Veggie Baked Ziti

Delicious comfort food at its low sodium best. This version of baked ziti is packed with fresh summer veggies – another great way to eat your zucchini!

Serves 6.

SODIUM CONTENT: 82.8 mg per serving


1 16-oz. pkg. dry ziti rigate

2 T. olive oil
1 medium onion, diced
1 medium green bell pepper, cored, seeded and diced
1 medium yellow squash, trimmed and diced
1 medium zucchini, trimmed and diced
4 cloves garlic, minced
1 15-oz. can no-salt-added whole tomatoes, drained and diced (or fresh peeled equivalent)
2 8-oz. cans no-salt-added tomato sauce
2 T. tomato paste
1 t. brown sugar
1 t. dried basil
1 t. dried marjoram
3/4 t. freshly ground black pepper
1/2 t. dried oregano
1/4 t. dried savory
1/4 t. dried thyme

8 oz. shredded fresh water-packed mozzarella cheese
2 T. grated parmesan cheese


Bring a large pot of water to boil over high heat.
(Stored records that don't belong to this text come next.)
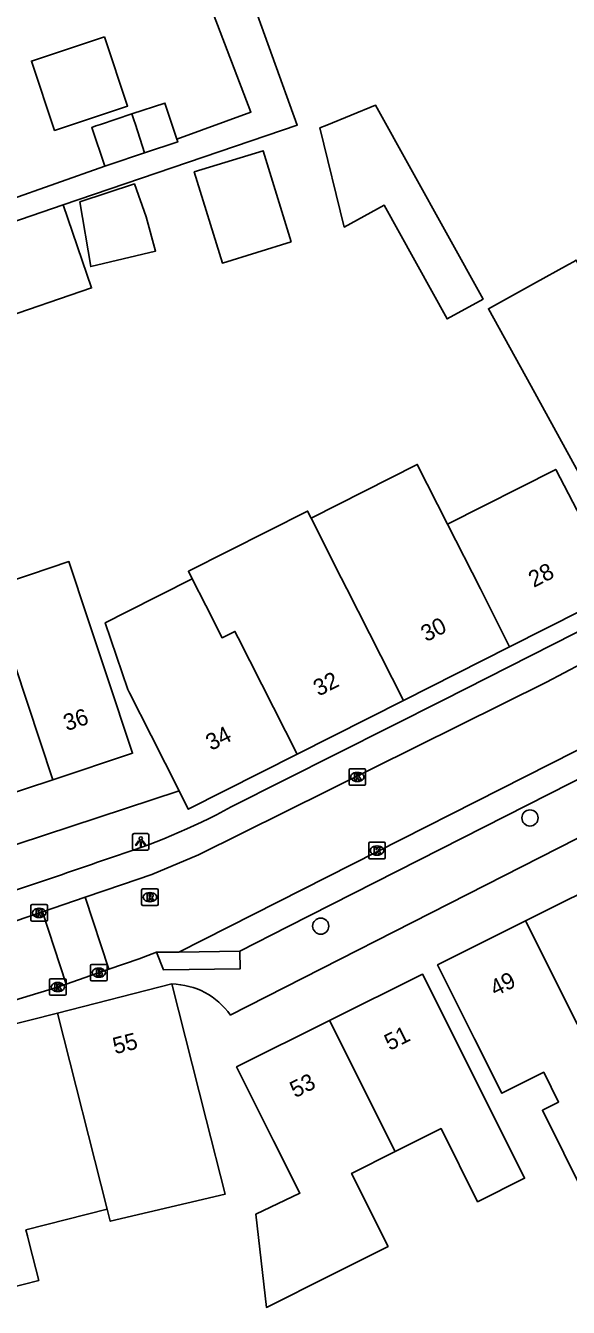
# Model space of a CAD drawing. Extents: x 163010 to 163853, y 382793 to 383982.
# Drawn here: x 163323.7 to 163356.6, y 383706.5 to 383784.1 of the extents above; entities that cross this region are included whole.
import ezdxf

# ---------------------------------------------------------------- set-up
doc = ezdxf.new("R2010")
doc.units = 0
for name, color, linetype in [('IMGEO_Boom', 7, 'Continuous'), ('IMGEO_Brandkraan', 7, 'Continuous'), ('IMGEO_Kolk', 7, 'Continuous'), ('IMGEO_Lichtpunt', 7, 'Continuous'), ('IMGEO_Pand', 7, 'Continuous'), ('IMGEO_Pand_nummerreeks', 7, 'Continuous'), ('IMGEO_Pand_vergunning_verleend', 7, 'Continuous'), ('IMGEO_Rijbaan_lokaal_open', 7, 'Continuous'), ('IMGEO_Rioolput', 7, 'Continuous'), ('IMGEO_Voetpad_open', 7, 'Continuous')]:
    doc.layers.add(name, color=color, linetype=linetype)

msp = doc.modelspace()

# ---------------------------------------------------------------- linework, layer by layer
at = {"layer": 'IMGEO_Boom'}
for centre in [(163354.244, 383736.142), (163341.589, 383729.596)]:
    msp.add_circle(centre, 0.489, dxfattribs=at)
at = {"layer": 'IMGEO_Brandkraan'}
for p, q in [((163327.671, 383726.354), (163327.671, 383727.206)), ((163327.746, 383727.28), (163328.598, 383727.28)), ((163328.159, 383727.06), (163328.184, 383727.06)), ((163328.672, 383727.206), (163328.672, 383726.354)), ((163328.598, 383726.28), (163327.746, 383726.28)), ((163328.182, 383726.5), (163328.157, 383726.5))]:
    msp.add_line(p, q, dxfattribs=at)
for points in [[(163327.671, 383726.354), (163327.671, 383727.206)], [(163327.746, 383727.28), (163328.598, 383727.28)], [(163328.019, 383726.98), (163328.019, 383726.58), (163328.232, 383726.58)], [(163328.25, 383726.98), (163328.019, 383726.98)], [(163328.198, 383726.899), (163328.144, 383726.899), (163328.144, 383726.823)], [(163328.144, 383726.823), (163328.197, 383726.823)], [(163328.672, 383727.206), (163328.672, 383726.354)], [(163328.598, 383726.28), (163327.746, 383726.28)], [(163328.206, 383726.747), (163328.144, 383726.747), (163328.144, 383726.666)], [(163328.144, 383726.666), (163328.206, 383726.666)]]:
    msp.add_lwpolyline(points, dxfattribs=at)
for centre, radius, start, end in [((163327.748, 383727.204), 0.0765, 91.55205, 178.44795), ((163327.748, 383727.204), 0.0765, 91.55205, 178.44795), ((163328.199, 383726.861), 0.0379, 267.82845, 90.93552), ((163328.254, 383726.835), 0.145, 59.4692, 91.53667), ((163328.279, 383726.882), 0.0922, 285.51372, 58.15012), ((163328.596, 383727.204), 0.0765, 1.55205, 88.44795), ((163328.596, 383727.204), 0.0765, 1.55205, 88.44795), ((163327.748, 383726.356), 0.0765, 181.55205, 268.44795), ((163327.748, 383726.356), 0.0765, 181.55205, 268.44795), ((163328.207, 383726.706), 0.0404, 269.87594, 90.50774), ((163328.238, 383726.831), 0.251, 268.66757, 293.53466), ((163328.284, 383726.69), 0.105, 301.31148, 78.98903), ((163328.596, 383726.356), 0.0765, 271.55205, 358.44795), ((163328.596, 383726.356), 0.0765, 271.55205, 358.44795)]:
    msp.add_arc(centre, radius, start, end, dxfattribs=at)
for centre, major_axis, ratio, start_param, end_param in [((163328.158, 383726.78), (-0.387, 0.002), 0.722429, 4.712389, 7.853982), ((163328.183, 383726.78), (-0.39, 0.002), 0.717154, 1.570796, 4.712389)]:
    msp.add_ellipse(centre, major_axis=major_axis, ratio=ratio, start_param=start_param, end_param=end_param, dxfattribs=at)
at = {"layer": 'IMGEO_Kolk'}
for p, q in [((163343.302, 383738.196), (163343.302, 383739.048)), ((163343.377, 383739.122), (163344.229, 383739.122)), ((163343.79, 383738.902), (163343.815, 383738.902)), ((163344.303, 383739.048), (163344.303, 383738.196)), ((163344.229, 383738.122), (163343.377, 383738.122)), ((163343.813, 383738.342), (163343.788, 383738.342)), ((163344.493, 383733.743), (163344.493, 383734.595)), ((163344.568, 383734.669), (163345.42, 383734.669)), ((163345.494, 383734.595), (163345.494, 383733.743)), ((163345.004, 383733.889), (163344.979, 383733.889)), ((163344.981, 383734.449), (163345.006, 383734.449)), ((163345.42, 383733.669), (163344.568, 383733.669)), ((163324.057, 383729.971), (163324.057, 383730.823)), ((163324.132, 383730.897), (163324.984, 383730.897)), ((163325.058, 383730.823), (163325.058, 383729.971)), ((163324.568, 383730.117), (163324.543, 383730.117)), ((163324.545, 383730.677), (163324.57, 383730.677)), ((163324.984, 383729.897), (163324.132, 383729.897)), ((163325.185, 383725.484), (163325.185, 383726.336)), ((163325.26, 383726.41), (163326.112, 383726.41)), ((163325.673, 383726.19), (163325.698, 383726.19)), ((163326.186, 383726.336), (163326.186, 383725.484)), ((163326.112, 383725.41), (163325.26, 383725.41)), ((163325.696, 383725.63), (163325.671, 383725.63))]:
    msp.add_line(p, q, dxfattribs=at)
for points in [[(163343.302, 383738.196), (163343.302, 383739.048)], [(163343.377, 383739.122), (163344.229, 383739.122)], [(163343.623, 383738.822), (163343.746, 383738.822), (163343.746, 383738.671), (163343.876, 383738.822), (163344.04, 383738.822), (163343.894, 383738.671), (163344.047, 383738.422), (163343.895, 383738.422), (163343.81, 383738.586), (163343.746, 383738.519), (163343.746, 383738.422), (163343.623, 383738.422), (163343.623, 383738.822)], [(163344.303, 383739.048), (163344.303, 383738.196)], [(163344.229, 383738.122), (163343.377, 383738.122)], [(163344.493, 383733.743), (163344.493, 383734.595)], [(163344.568, 383734.669), (163345.42, 383734.669)], [(163345.494, 383734.595), (163345.494, 383733.743)], [(163344.814, 383734.369), (163344.937, 383734.369), (163344.937, 383734.218), (163345.067, 383734.369), (163345.231, 383734.369), (163345.085, 383734.218), (163345.238, 383733.969), (163345.086, 383733.969), (163345.001, 383734.133), (163344.937, 383734.066), (163344.937, 383733.969), (163344.814, 383733.969), (163344.814, 383734.369)], [(163345.42, 383733.669), (163344.568, 383733.669)], [(163324.057, 383729.971), (163324.057, 383730.823)], [(163324.132, 383730.897), (163324.984, 383730.897)], [(163325.058, 383730.823), (163325.058, 383729.971)], [(163324.378, 383730.597), (163324.501, 383730.597), (163324.501, 383730.446), (163324.631, 383730.597), (163324.795, 383730.597), (163324.649, 383730.446), (163324.802, 383730.197), (163324.65, 383730.197), (163324.565, 383730.361), (163324.501, 383730.294), (163324.501, 383730.197), (163324.378, 383730.197), (163324.378, 383730.597)], [(163324.984, 383729.897), (163324.132, 383729.897)], [(163325.185, 383725.484), (163325.185, 383726.336)], [(163325.26, 383726.41), (163326.112, 383726.41)], [(163325.506, 383726.11), (163325.629, 383726.11), (163325.629, 383725.959), (163325.759, 383726.11), (163325.923, 383726.11), (163325.777, 383725.959), (163325.93, 383725.71), (163325.778, 383725.71), (163325.693, 383725.874), (163325.629, 383725.807), (163325.629, 383725.71), (163325.506, 383725.71), (163325.506, 383726.11)], [(163326.186, 383726.336), (163326.186, 383725.484)], [(163326.112, 383725.41), (163325.26, 383725.41)]]:
    msp.add_lwpolyline(points, dxfattribs=at)
for centre, start, end in [((163343.379, 383739.046), 91.55205, 178.44795), ((163343.379, 383739.046), 91.55205, 178.44795), ((163344.227, 383739.046), 1.55205, 88.44795), ((163344.227, 383739.046), 1.55205, 88.44795), ((163343.379, 383738.198), 181.55205, 268.44795), ((163343.379, 383738.198), 181.55205, 268.44795), ((163344.227, 383738.198), 271.55205, 358.44795), ((163344.227, 383738.198), 271.55205, 358.44795), ((163344.57, 383734.593), 91.55205, 178.44795), ((163344.57, 383734.593), 91.55205, 178.44795), ((163345.418, 383734.593), 1.55205, 88.44795), ((163345.418, 383734.593), 1.55205, 88.44795), ((163344.57, 383733.745), 181.55205, 268.44795), ((163344.57, 383733.745), 181.55205, 268.44795), ((163345.418, 383733.745), 271.55205, 358.44795), ((163345.418, 383733.745), 271.55205, 358.44795), ((163324.134, 383730.821), 91.55205, 178.44795), ((163324.134, 383730.821), 91.55205, 178.44795), ((163324.982, 383730.821), 1.55205, 88.44795), ((163324.982, 383730.821), 1.55205, 88.44795), ((163324.134, 383729.973), 181.55205, 268.44795), ((163324.134, 383729.973), 181.55205, 268.44795), ((163324.982, 383729.973), 271.55205, 358.44795), ((163324.982, 383729.973), 271.55205, 358.44795), ((163325.262, 383726.334), 91.55205, 178.44795), ((163325.262, 383726.334), 91.55205, 178.44795), ((163326.11, 383726.334), 1.55205, 88.44795), ((163326.11, 383726.334), 1.55205, 88.44795), ((163325.262, 383725.486), 181.55205, 268.44795), ((163325.262, 383725.486), 181.55205, 268.44795), ((163326.11, 383725.486), 271.55205, 358.44795), ((163326.11, 383725.486), 271.55205, 358.44795)]:
    msp.add_arc(centre, 0.0765, start, end, dxfattribs=at)
for centre, major_axis, ratio, start_param, end_param in [((163343.789, 383738.622), (-0.387, 0.002), 0.722429, 4.712389, 7.853982), ((163343.814, 383738.622), (-0.39, 0.002), 0.717154, 1.570796, 4.712389), ((163344.98, 383734.169), (-0.387, 0.002), 0.722429, 4.712389, 7.853982), ((163345.005, 383734.169), (-0.39, 0.002), 0.717154, 1.570796, 4.712389), ((163324.544, 383730.397), (-0.387, 0.002), 0.722429, 4.712389, 7.853982), ((163324.569, 383730.397), (-0.39, 0.002), 0.717154, 1.570796, 4.712389), ((163325.672, 383725.91), (-0.387, 0.002), 0.722429, 4.712389, 7.853982), ((163325.697, 383725.91), (-0.39, 0.002), 0.717154, 1.570796, 4.712389)]:
    msp.add_ellipse(centre, major_axis=major_axis, ratio=ratio, start_param=start_param, end_param=end_param, dxfattribs=at)
at = {"layer": 'IMGEO_Lichtpunt'}
for p, q in [((163330.204, 383735.101), (163330.204, 383734.294)), ((163330.204, 383735.101), (163330.204, 383734.294)), ((163331.106, 383735.196), (163330.298, 383735.196)), ((163331.106, 383735.196), (163330.298, 383735.196)), ((163331.2, 383734.294), (163331.2, 383735.101)), ((163331.2, 383734.294), (163331.2, 383735.101)), ((163330.298, 383734.2), (163331.106, 383734.2)), ((163330.298, 383734.2), (163331.106, 383734.2))]:
    msp.add_line(p, q, dxfattribs=at)
for points in [[(163330.578, 383734.765), (163330.617, 383734.737), (163330.429, 383734.475), (163330.391, 383734.502), (163330.578, 383734.765)], [(163330.68, 383734.717), (163330.727, 383734.717), (163330.727, 383734.395), (163330.68, 383734.395), (163330.68, 383734.717)], [(163330.79, 383734.737), (163330.828, 383734.764), (163331.015, 383734.502), (163330.976, 383734.474), (163330.79, 383734.737)]]:
    msp.add_lwpolyline(points, dxfattribs=at)
msp.add_circle((163330.703, 383734.899), 0.0994, dxfattribs=at)
for centre, start, end in [((163330.298, 383735.101), 90, 180), ((163330.298, 383735.101), 90, 180), ((163331.106, 383735.101), 0, 90), ((163331.106, 383735.101), 0, 90), ((163330.298, 383734.294), 180, 270), ((163330.298, 383734.294), 180, 270), ((163331.106, 383734.294), 270, 0), ((163331.106, 383734.294), 270, 360)]:
    msp.add_arc(centre, 0.0946, start, end, dxfattribs=at)
at = {"layer": 'IMGEO_Pand'}
for points in [[(163328.51, 383783.418), (163329.911, 383779.22), (163325.494, 383777.747), (163324.094, 383781.945), (163328.51, 383783.418)], [(163330.174, 383778.743), (163332.162, 383779.405), (163332.283, 383779.043), (163332.893, 383777.212)], [(163341.965, 383778.075), (163341.536, 383777.9), (163343.009, 383771.893), (163345.416, 383773.227), (163349.235, 383766.338), (163351.406, 383767.542), (163344.903, 383779.27), (163341.965, 383778.075)], [(163328.527, 383775.58), (163327.743, 383777.932), (163327.997, 383778.017), (163328.271, 383778.108), (163330.174, 383778.743)], [(163330.174, 383778.743), (163330.291, 383778.38), (163330.378, 383778.112), (163330.937, 383776.384)], [(163332.893, 383777.212), (163332.946, 383777.054), (163330.937, 383776.384)], [(163339.805, 383771.011), (163335.644, 383769.721), (163333.936, 383775.232), (163338.098, 383776.521), (163339.805, 383771.011)], [(163330.937, 383776.384), (163328.781, 383775.665), (163328.527, 383775.58)], [(163320.245, 383771.27), (163326.021, 383773.235)], [(163326.021, 383773.235), (163327.73, 383768.213), (163321.954, 383766.248), (163321.855, 383766.537)], [(163361.345, 383762.092), (163363.761, 383757.713), (163358.437, 383754.776), (163356.022, 383759.154), (163354.311, 383762.271), (163351.732, 383766.957), (163354.466, 383768.465), (163356.58, 383769.631), (163356.874, 383769.793), (163357.045, 383769.888), (163359.612, 383765.234), (163361.345, 383762.092)], [(163349.256, 383753.927), (163347.43, 383757.538), (163341.002, 383754.291)], [(163358.811, 383751.379), (163357.34, 383754.292), (163355.805, 383757.234), (163349.256, 383753.927)], [(163341.002, 383754.291), (163340.792, 383754.707), (163333.592, 383751.07), (163333.823, 383750.611)], [(163346.588, 383743.249), (163343.173, 383750), (163342.829, 383750.681), (163341.002, 383754.291)], [(163353.013, 383746.5), (163351.242, 383750), (163349.256, 383753.927)], [(163321.534, 383750.047), (163324.037, 383750.88), (163326.361, 383751.653), (163327.489, 383748.252), (163328.633, 383744.802), (163330.206, 383740.055), (163325.378, 383738.455)], [(163358.811, 383751.379), (163359.508, 383750), (163359.594, 383749.829), (163353.013, 383746.5)], [(163333.018, 383737.783), (163331.325, 383741.131), (163330.016, 383743.718), (163329.916, 383743.916), (163328.551, 383747.943), (163329.865, 383748.608), (163333.823, 383750.611)], [(163333.823, 383750.611), (163334.633, 383749.005), (163335.623, 383747.042), (163336.4, 383747.434), (163336.596, 383747.047), (163340.162, 383739.998)], [(163325.378, 383738.455), (163321.534, 383750.047)], [(163353.013, 383746.5), (163346.588, 383743.249)], [(163346.588, 383743.249), (163340.162, 383739.998)], [(163340.162, 383739.998), (163333.582, 383736.669), (163333.018, 383737.783)], [(163320.468, 383736.827), (163325.378, 383738.455)], [(163353.978, 383729.906), (163359.678, 383732.759)], [(163360.221, 383717.453), (163361.372, 383715.157), (163357.589, 383713.264), (163354.991, 383718.455), (163355.975, 383718.948), (163355.073, 383720.751), (163352.544, 383719.485), (163350.898, 383722.773), (163348.66, 383727.244), (163353.978, 383729.906)], [(163360.221, 383717.453), (163353.978, 383729.906)], [(163325.662, 383724.337), (163332.588, 383726.094)], [(163332.588, 383726.094), (163333.818, 383721.248), (163334.667, 383717.903), (163335.814, 383713.383), (163328.857, 383711.74), (163328.672, 383712.47)], [(163342.121, 383723.884), (163347.734, 383726.694), (163349.972, 383722.223), (163353.918, 383714.34), (163351.079, 383712.919), (163348.865, 383717.341), (163346.09, 383715.952)], [(163318.877, 383722.615), (163325.662, 383724.337)], [(163328.672, 383712.47), (163325.662, 383724.337)], [(163346.09, 383715.952), (163343.45, 383714.63), (163345.663, 383710.209), (163342.688, 383708.719), (163342.162, 383708.456), (163338.306, 383706.525), (163337.655, 383712.16), (163340.326, 383713.437), (163338.742, 383716.602), (163336.504, 383721.073), (163342.121, 383723.884)], [(163346.09, 383715.952), (163342.121, 383723.884)], [(163328.672, 383712.47), (163323.758, 383711.225), (163323.853, 383710.848), (163323.982, 383710.34), (163324.536, 383708.152), (163321.675, 383707.427), (163321.306, 383710.152)]]:
    msp.add_lwpolyline(points, dxfattribs=at)
at = {"layer": 'IMGEO_Pand_vergunning_verleend'}
msp.add_lwpolyline([(163327.015, 383773.426), (163330.323, 383774.512), (163331.032, 383772.528), (163331.599, 383770.449), (163327.677, 383769.504), (163327.015, 383773.426)], dxfattribs=at)
at = {"layer": 'IMGEO_Rijbaan_lokaal_open'}
for points in [[(163327.351, 383731.352), (163329.605, 383732.122), (163331.378, 383732.728), (163334.206, 383733.913), (163355.236, 383744.349), (163365.93, 383750), (163402.519, 383772.077)], [(163333.013, 383728.021), (163364.428, 383743.951), (163370.965, 383747.638), (163403.489, 383767.296), (163406.162, 383768.914), (163409.286, 383770.841)], [(163324.761, 383730.467), (163327.351, 383731.352)], [(163327.351, 383731.352), (163328.782, 383726.985)], [(163302.146, 383723.047), (163305.793, 383724.141), (163310.437, 383726.063), (163314.677, 383727.415), (163321.316, 383729.289), (163324.761, 383730.467)], [(163324.761, 383730.467), (163326.184, 383726.083)], [(163331.663, 383728.018), (163330.612, 383727.626), (163328.782, 383726.985)], [(163336.693, 383728.089), (163336.721, 383727.013), (163332.079, 383726.952), (163331.663, 383728.018)], [(163331.663, 383728.018), (163333.013, 383728.021)], [(163333.013, 383728.021), (163336.693, 383728.089)], [(163328.782, 383726.985), (163326.184, 383726.083)], [(163326.184, 383726.083), (163325.601, 383725.881), (163317.834, 383723.52), (163311.146, 383721.743)]]:
    msp.add_lwpolyline(points, dxfattribs=at)
at = {"layer": 'IMGEO_Rioolput'}
for p, q in [((163330.759, 383730.923), (163330.759, 383731.775)), ((163330.834, 383731.849), (163331.686, 383731.849)), ((163331.247, 383731.629), (163331.272, 383731.629)), ((163331.76, 383731.775), (163331.76, 383730.923)), ((163331.686, 383730.849), (163330.834, 383730.849)), ((163331.27, 383731.069), (163331.245, 383731.069))]:
    msp.add_line(p, q, dxfattribs=at)
for points in [[(163330.759, 383730.923), (163330.759, 383731.775)], [(163330.834, 383731.849), (163331.686, 383731.849)], [(163331.348, 383731.547), (163331.096, 383731.549), (163331.096, 383731.149)], [(163331.274, 383731.468), (163331.22, 383731.468), (163331.22, 383731.387)], [(163331.76, 383731.775), (163331.76, 383730.923)], [(163331.686, 383730.849), (163330.834, 383730.849)], [(163331.096, 383731.149), (163331.22, 383731.149), (163331.22, 383731.311), (163331.231, 383731.311)], [(163331.22, 383731.387), (163331.272, 383731.387)], [(163331.278, 383731.282), (163331.349, 383731.149), (163331.489, 383731.149), (163331.424, 383731.275)]]:
    msp.add_lwpolyline(points, dxfattribs=at)
for centre, radius, start, end in [((163330.836, 383731.773), 0.0765, 91.55205, 178.44795), ((163330.836, 383731.773), 0.0765, 91.55205, 178.44795), ((163331.28, 383731.372), 0.0964, 77.00612, 93.18647), ((163331.294, 383731.429), 0.0378, 276.66336, 79.67722), ((163331.347, 383731.437), 0.109, 350.36119, 89.41601), ((163331.684, 383731.773), 0.0765, 1.55205, 88.44795), ((163331.684, 383731.773), 0.0765, 1.55205, 88.44795), ((163330.836, 383730.925), 0.0765, 181.55205, 268.44795), ((163330.836, 383730.925), 0.0765, 181.55205, 268.44795), ((163331.23, 383731.258), 0.0533, 26.02933, 88.69889), ((163331.256, 383731.576), 0.19, 274.7715, 282.96867), ((163331.345, 383731.437), 0.112, 277.58423, 350.98172), ((163331.329, 383731.222), 0.108, 29.51342, 73.79051), ((163331.684, 383730.925), 0.0765, 271.55205, 358.44795), ((163331.684, 383730.925), 0.0765, 271.55205, 358.44795)]:
    msp.add_arc(centre, radius, start, end, dxfattribs=at)
for centre, major_axis, ratio, start_param, end_param in [((163331.246, 383731.349), (-0.387, 0.002), 0.722429, 4.712389, 7.853982), ((163331.271, 383731.349), (-0.39, 0.002), 0.717154, 1.570796, 4.712389)]:
    msp.add_ellipse(centre, major_axis=major_axis, ratio=ratio, start_param=start_param, end_param=end_param, dxfattribs=at)
at = {"layer": 'IMGEO_Voetpad_open'}
for points in [[(163332.893, 383777.212), (163337.371, 383778.861), (163329.106, 383800.535)], [(163326.021, 383773.235), (163340.171, 383778.066), (163337.143, 383786.479)], [(163322.599, 383773.487), (163328.527, 383775.58)], [(163336.164, 383736.806), (163348.995, 383743.273), (163362.257, 383750), (163363.998, 383750.883), (163367.884, 383753.213), (163384.232, 383763.055), (163399.046, 383771.962)], [(163405.279, 383766.419), (163378.029, 383750), (163370.808, 383745.575), (163367.218, 383743.598), (163339.615, 383729.576), (163336.693, 383728.089)], [(163336.122, 383724.213), (163369.221, 383741.065), (163384.042, 383750), (163406.546, 383763.737)], [(163333.018, 383737.783), (163316.721, 383732.415)]]:
    msp.add_lwpolyline(points, dxfattribs=at)
for centre, radius, start, end in [((163317.093, 383771.876), 39.92, 287.07789, 298.53782), ((163225.145, 384027.262), 311.315, 287.18842, 289.45161), ((163332.501, 383721.67), 4.425, 35.07786, 88.87314)]:
    msp.add_arc(centre, radius, start, end, dxfattribs=at)

# ---------------------------------------------------------------- texts
at = {"layer": 'IMGEO_Pand_nummerreeks'}
for s, rotation, p in [('28', 26.83578, (163354.469, 383750.061)), ('30', 26.83734, (163347.966, 383746.772)), ('32', 26.83734, (163341.458, 383743.479)), ('36', 18.34038, (163326.223, 383741.389)), ('34', 26.83734, (163334.958, 383740.19)), ('49', 26.59097, (163352.144, 383725.32)), ('55', 14.238, (163329.153, 383721.838)), ('51', 26.58954, (163345.757, 383722.036)), ('53', 26.59097, (163340.041, 383719.176))]:
    msp.add_text(s, height=1, rotation=rotation, dxfattribs=at).set_placement(p)

doc.saveas('drawing.dxf')

Add ziti, return to a boil and cook 12 minutes. Remove from heat, drain and return to pot. Set aside.

Preheat oven to 350 degrees.

Heat oil in a saute pan over medium-high. Add onion and garlic and saute 3 minutes. Add diced green pepper, squash, zucchini and tomatoes and cook, stirring, 10 minutes. Add remaining sauce ingredients and simmer uncovered 10 minutes, stirring occasionally. Remove from heat. Pour sauce into the pot of pasta. Add half of the shredded mozzarella and stir to combine. Pour mixture into a 9 x 13-inch oven-proof casserole dish. Sprinkle remaining cheeses over top, then cover with aluminum foil. Place pan on middle rack in oven and bake 30 minutes. Remove from oven, remove foil and serve immediately.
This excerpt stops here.